Although the combination of strontium nitrate and BCN with two oxidants formed from NQ and PVA can achieve the desired flame temperature, BCN and PVA heat age together poorly. Since PVA is the preferred binder, BCN is eliminated as a candidate ingredient. Typical alternative propellant formulations to ammonium nitrate formulations are strontium nitrate, nitroguanidine and polyvinyl alcohol as a binder, and a coolant to lower the combustion temperature. In examples 3 to 8, various combinations of strontium nitrate and NQ with PVA as a binder are shown. These combinations all meet the minimum gas production and flame temperature per solid propellant volume.

Due to Sr (NO)₃)₂The NQ formulation has a lower burn rate, so potassium perchlorate (KP) and copper (II) oxide (CuO), or a combination thereof, may be added to increase the burn rate. Examples 6 to 8 show the cases where KP and CuO are included in the formulations. These conditions also meet the requirements for gas yield and flame temperature for application in hybrid gas generators. Both potassium perchlorate and CuO are used as combustion rate catalysts.
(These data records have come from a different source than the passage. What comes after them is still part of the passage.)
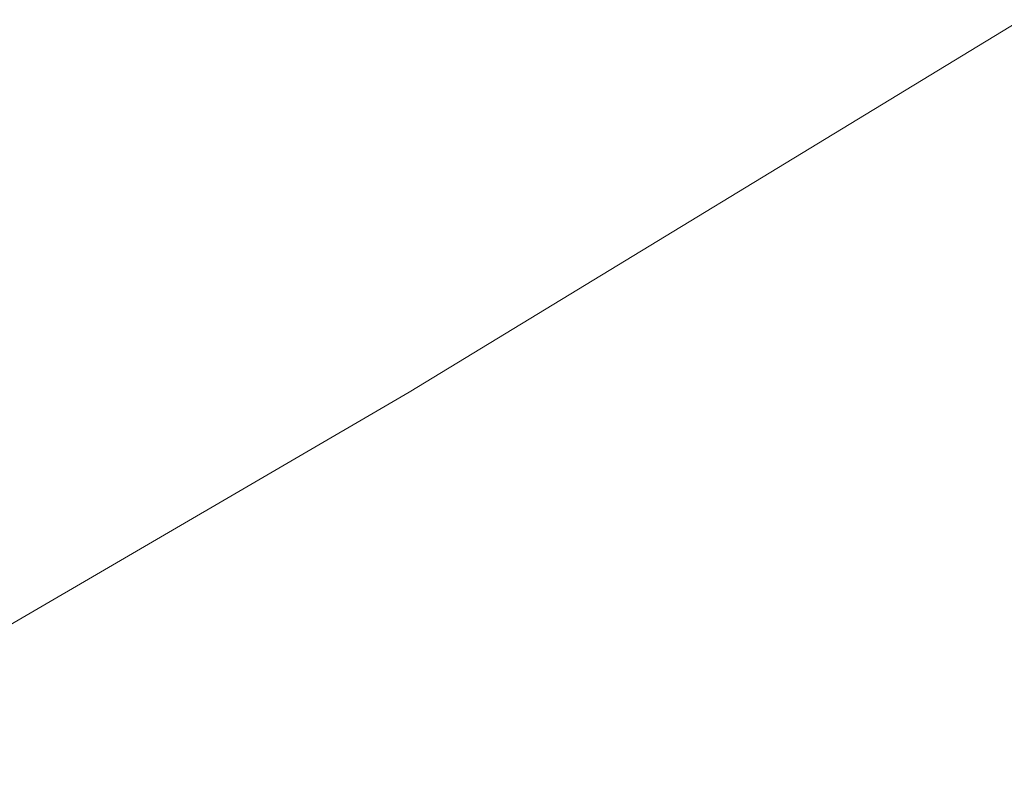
# Model space of a CAD drawing. Extents: x 1620613 to 1693141, y 557269 to 607790.
# Tile 944 of 1056: x 1620877.84 to 1620879.48, y 607341.78 to 607343.05. Entities that reach past the tile are written whole.
import ezdxf

# ---------------------------------------------------------------- set-up
doc = ezdxf.new("R2010")
doc.units = 0
doc.header["$LTSCALE"] = 10
doc.header["$MEASUREMENT"] = 0
for name, pattern in [('DGN Style 2', [7.346996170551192, 4.408197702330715, -2.938798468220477]), ('DGN Style 3', [10.28579463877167, 7.346996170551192, -2.938798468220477]), ('DGN Style 5', [5.142897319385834, 2.204098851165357, -2.938798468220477])]:
    doc.linetypes.add(name, pattern=pattern)
for name, color, linetype, lineweight in [('DR_X_Text', 7, 'Continuous', 0), ('DT_X_Contour_Minor', 136, 'DGN Style 3', 0), ('PV_X_Driveway', 7, 'DGN Style 5', 0), ('SV_X_Top_of_Bank', 97, 'DGN Style 2', 0)]:
    doc.layers.add(name, color=color, linetype=linetype, lineweight=lineweight)
doc.styles.get("Standard").update_dxf_attribs({"font": 'arial.ttf'})
doc.styles.add('Style-Arial', font='arial.ttf')
doc.dimstyles.get("Standard").update_dxf_attribs({"dimtxt": 0.18, "dimasz": 0.18, "dimexe": 0.18, "dimexo": 0.0625, "dimgap": 0.09, "dimtad": 0, "dimtih": 1, "dimtoh": 1, "dimdec": 4, "dimzin": 0, "dimdsep": 46, "dimtxsty": 'Standard', "dimcen": 0.09, "dimadec": 0, "dimazin": 0, "dimtfac": 1, "dimtdec": 4, "dimtofl": 0, "dimtmove": 0, "dimatfit": 3, "dimfxl": 1, "dimtolj": 1, "dimtzin": 0, "dimarcsym": 0})

# ---------------------------------------------------------------- blocks, each defined once
blk = doc.blocks.new('*U1004')
at = {"layer": 'DT_X_Contour_Minor', "transparency": 33554559, "elevation": 2.200041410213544, "flags": 128}
blk.add_lwpolyline([(-26.4221577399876, 51.95833175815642), (-27.71982852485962, 51.03469212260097), (-27.97437398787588, 50.85364810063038), (-28.18186575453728, 50.70636159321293), (-28.34230382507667, 50.59283259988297), (-28.4556881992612, 50.51306112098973), (-28.69530826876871, 50.34534719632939), (-28.85981133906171, 50.20753661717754), (-29.17360549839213, 49.91989032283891), (-29.63669074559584, 49.48240831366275), (-30.24906708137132, 48.8950905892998), (-32.08112542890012, 47.12912903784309), (-32.72328845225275, 46.49489483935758), (-33.27573376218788, 45.91666340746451), (-33.73846135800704, 45.39443474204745), (-34.11147124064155, 44.92820884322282), (-34.98654064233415, 43.75961013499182), (-35.37127004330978, 43.30610329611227), (-35.86915619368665, 42.82203181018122), (-36.48019909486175, 42.30739567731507), (-37.20439874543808, 41.76219489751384), (-39.28647348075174, 40.2675732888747), (-39.98611710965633, 39.74158006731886), (-40.52349194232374, 39.28456660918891), (-40.89859798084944, 38.89653291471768), (-41.11143522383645, 38.57747898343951), (-41.46264281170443, 37.81864151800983), (-41.56407973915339, 37.53517833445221), (-41.60498482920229, 37.25391688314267), (-41.58535808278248, 36.97485716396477), (-41.50519949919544, 36.69799917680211), (-40.98988515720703, 35.41113261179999), (-41.36458870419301, 35.2114997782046), (-41.40116681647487, 35.18857666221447), (-41.35031391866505, 35.20536424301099), (-41.21203001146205, 35.26186252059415), (-40.98631509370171, 35.35807149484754), (-40.26783396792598, 35.66757635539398), (-40.02239461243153, 35.74966068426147), (-39.8249373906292, 35.76378502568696), (-39.6754623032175, 35.70994937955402), (-39.57396934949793, 35.58815374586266), (-39.36729765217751, 35.17275207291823), (-39.29846415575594, 35.03223562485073), (-39.24696743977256, 34.92223753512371), (-39.21280750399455, 34.84275780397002), (-39.19598434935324, 34.79379643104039), (-39.17423830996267, 34.70392391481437), (-39.19917079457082, 34.65937235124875), (-39.29027777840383, 34.59312204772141), (-39.44755926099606, 34.50517300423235), (-39.67101524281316, 34.39552522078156), (-40.35513052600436, 34.07419947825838), (-40.58325396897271, 33.96678022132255), (-40.75453783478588, 33.8855167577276), (-40.86898212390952, 33.83040908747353), (-40.92658683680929, 33.80145721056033), (-41.00441330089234, 33.7591265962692), (-41.04055930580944, 33.73462800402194), (-41.09062747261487, 33.69288018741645), (-41.15461780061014, 33.63388314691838), (-41.2325302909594, 33.55763688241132), (-41.45885981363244, 33.33131454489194), (-41.55081032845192, 33.24771939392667), (-41.65691473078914, 33.16667569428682), (-41.77717302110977, 33.08818344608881), (-41.91158519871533, 33.01224264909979), (-42.28888952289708, 32.81313579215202), (-42.41095057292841, 32.74687478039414), (-42.49415548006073, 32.69742188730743), (-42.53850424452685, 32.66477711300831), (-42.54399686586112, 32.64894045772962), (-42.50683566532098, 32.62912020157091), (-42.53423417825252, 32.60898901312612), (-42.64430061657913, 32.56346063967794), (-42.83703498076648, 32.49253508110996), (-43.11243727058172, 32.39621233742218), (-43.95706727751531, 32.10548877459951), (-44.25215094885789, 32.00285932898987), (-44.50392945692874, 31.91301366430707), (-44.71240280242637, 31.83595178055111), (-44.8775709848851, 31.77167367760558), (-45.26027925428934, 31.61731044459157), (-45.38764896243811, 31.56564027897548), (-45.48272688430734, 31.5264022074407), (-45.54551302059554, 31.49959622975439), (-45.5760073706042, 31.48522234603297), (-45.61426992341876, 31.46346811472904), (-45.66447487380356, 31.43806682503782), (-45.78639281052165, 31.37817862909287), (-45.98002373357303, 31.28380352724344), (-46.24536764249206, 31.15494151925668), (-47.04856871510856, 30.7653269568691), (-47.38836151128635, 30.6047740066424), (-47.80533909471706, 30.41532607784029), (-48.29950146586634, 30.19698317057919), (-48.87084862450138, 29.94974528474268), (-50.49735409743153, 29.25191761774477), (-51.13303793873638, 28.97905882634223), (-51.8202103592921, 28.68385320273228), (-52.55887135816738, 28.3663007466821), (-53.3490209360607, 28.02640145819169), (-55.52473791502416, 27.09020757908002), (-56.49371372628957, 26.66848666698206), (-57.76885342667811, 26.10546933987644), (-59.35015701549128, 25.40115559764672), (-61.23762449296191, 24.55554544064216), (-66.6790896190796, 22.11218980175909), (-68.57485017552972, 21.26142299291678), (-70.18103300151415, 20.54163929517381), (-71.49763809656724, 19.95283870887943), (-72.52466546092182, 19.49502123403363), (-74.8773014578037, 18.44881878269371), (-75.91999211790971, 17.98397094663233), (-77.28358709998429, 17.37407927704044), (-78.96808640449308, 16.61914377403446), (-80.97349003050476, 15.71916443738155), (-86.74910546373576, 13.12582776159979), (-88.72374219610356, 12.23877836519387), (-90.31594081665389, 11.52263268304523), (-91.52570132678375, 10.97739071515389), (-92.3530237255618, 10.60305246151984), (-94.04929930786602, 9.832688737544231), (-94.68466071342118, 9.54443124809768), (-95.31853824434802, 9.257431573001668), (-95.95093189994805, 8.971689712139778), (-96.58184168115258, 8.687205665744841), (-98.26228926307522, 7.930258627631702), (-98.89682115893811, 7.644555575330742), (-99.54008116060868, 7.355156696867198), (-100.1920692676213, 7.06206199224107), (-100.8527854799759, 6.765271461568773), (-102.6263328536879, 5.968902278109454), (-103.2449727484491, 5.690073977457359), (-103.7707319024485, 5.450865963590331), (-104.2036103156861, 5.251278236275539), (-104.5436079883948, 5.091310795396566), (-105.3264274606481, 4.717558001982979), (-105.6287788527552, 4.573821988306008), (-105.9487184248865, 4.422928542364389), (-106.2862461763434, 4.264877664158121), (-106.6413621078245, 4.099669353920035), (-107.6117888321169, 3.649570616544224), (-107.9746458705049, 3.481720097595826), (-108.3353969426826, 3.315742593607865), (-108.6940420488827, 3.151638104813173), (-109.0505811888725, 2.989406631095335), (-109.9985442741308, 2.55928672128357), (-110.3086120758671, 2.420033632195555), (-110.5278431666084, 2.324864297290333), (-110.6562375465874, 2.273778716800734), (-110.6937952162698, 2.266776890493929), (-110.6728333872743, 2.306883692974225), (-110.6862926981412, 2.310373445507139), (-110.7423920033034, 2.290762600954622), (-110.8411313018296, 2.24805115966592), (-110.9825105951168, 2.182239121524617), (-111.4163753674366, 1.975939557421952), (-111.5617474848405, 1.90787255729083), (-111.6724652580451, 1.858396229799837), (-111.7485286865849, 1.827510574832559), (-111.7899377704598, 1.815215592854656), (-111.8541562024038, 1.807216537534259), (-111.8952114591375, 1.794595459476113), (-111.9702134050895, 1.76273151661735), (-112.0791620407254, 1.71162470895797), (-112.2220573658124, 1.641275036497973), (-112.6483738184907, 1.428018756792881), (-112.8175543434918, 1.34328058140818), (-113.0053585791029, 1.249008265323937), (-113.2117865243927, 1.145201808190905), (-113.4368381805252, 1.031861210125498), (-114.0618075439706, 0.7169074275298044), (-114.2700324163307, 0.618599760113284), (-114.4259800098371, 0.5598920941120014), (-114.5296503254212, 0.5407844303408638), (-114.5810433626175, 0.5612767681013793), (-114.6483884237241, 0.6687230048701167), (-114.6723631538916, 0.7065127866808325), (-114.6937785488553, 0.7392974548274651), (-114.7126346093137, 0.7670770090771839), (-114.7289313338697, 0.7898514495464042), (-114.799010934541, 0.884453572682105), (-115.0863380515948, 0.9425401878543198), (-115.1710306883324, 0.9323459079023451), (-115.3019684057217, 0.8768688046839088), (-115.4791512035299, 0.7761088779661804), (-115.702579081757, 0.6300661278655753), (-116.3600468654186, 0.180241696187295), (-116.6101513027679, -0.01975269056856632), (-116.8673637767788, -0.2823675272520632), (-117.131684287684, -0.6076028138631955), (-117.4031128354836, -0.995458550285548), (-118.1363996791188, -2.11323444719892), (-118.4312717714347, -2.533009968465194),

Examples 3-8 other formulations and results of their experiments

While the invention has been described in connection with what is presently considered to be the most practical and preferred embodiment, it is to be understood that the invention is not to be limited to the disclosed embodiment, but on the contrary, is intended to cover various modifications and equivalent arrangements included within the spirit and scope of the appended claims.

Claims

1. An airbag gas generant formulation optimized for a hybrid airbag inflator, the formulation comprising:

40 to 50 wt% strontium nitrate;

35 to 45 wt% nitroguanidine;

3 to 7 wt% potassium perchlorate;

3 to 6 wt% polyvinyl alcohol; and

2 to 6 wt% of strontium oxalate.

2. An airbag gas generant formulation in accordance with claim 1 having at least one property selected from the group consisting of:

a gas yield greater than 1.57 grams per cubic centimeter (g/cc);

the constant volume flame temperature is 2700-2800K; and

the total oxygen balance of the formulation is-2% to + 2%.

3. An airbag gas generant formulation in accordance with claim 1 wherein said formulation comprises:

48.2 wt% strontium nitrate;

36.8 wt% nitroguanidine;

5 wt% potassium perchlorate;

5 wt% strontium oxalate; and

5% by weight of polyvinyl alcohol.

4. An airbag gas generant formulation in accordance with claim 1 wherein said formulation further comprises:

1 to 5 wt% of copper oxide as a burn rate modifier.

5. An airbag gas generant formulation according to claim 4 wherein the formulation is:

44.1 wt% strontium nitrate;

39.9 wt% nitroguanidine;

5 wt% potassium perchlorate;

4 wt% strontium oxalate;

4 wt% polyvinyl alcohol; and

3 wt% copper oxide.

6. An airbag gas generant formulation in accordance with claim 1 further comprising:

2 to 6 wt% kaolin is used for slagging and as a coolant.

7. An airbag gas generant formulation in accordance with claim 1 further comprising:

2 to 6 wt% alumina is used for slagging and as coolant.

8. An airbag gas generant formulation in accordance with claim 1 further comprising:

2 to 6 wt% silica is used for slagging and as coolant.

9. An airbag gas generant formulation in accordance with claim 1 further comprising:

2wt to 6 wt% of at least one selected from: kaolin, alumina and silica.

10. An airbag gas generant formulation in accordance with claim 1 which does not contain oxygen as a storage gas.

11. A gas generator for an airbag comprising the airbag gas generant formulation of claim 1, wherein the gas generator does not comprise oxygen as a storage gas.

12. A method of inflating an airbag comprising the steps of: igniting the airbag gas generant formulation of claim 1 to produce a gas; and inflating the balloon with the gas.

13. The method of claim 12, wherein the igniting step does not include igniting oxygen, which may be a stored gas.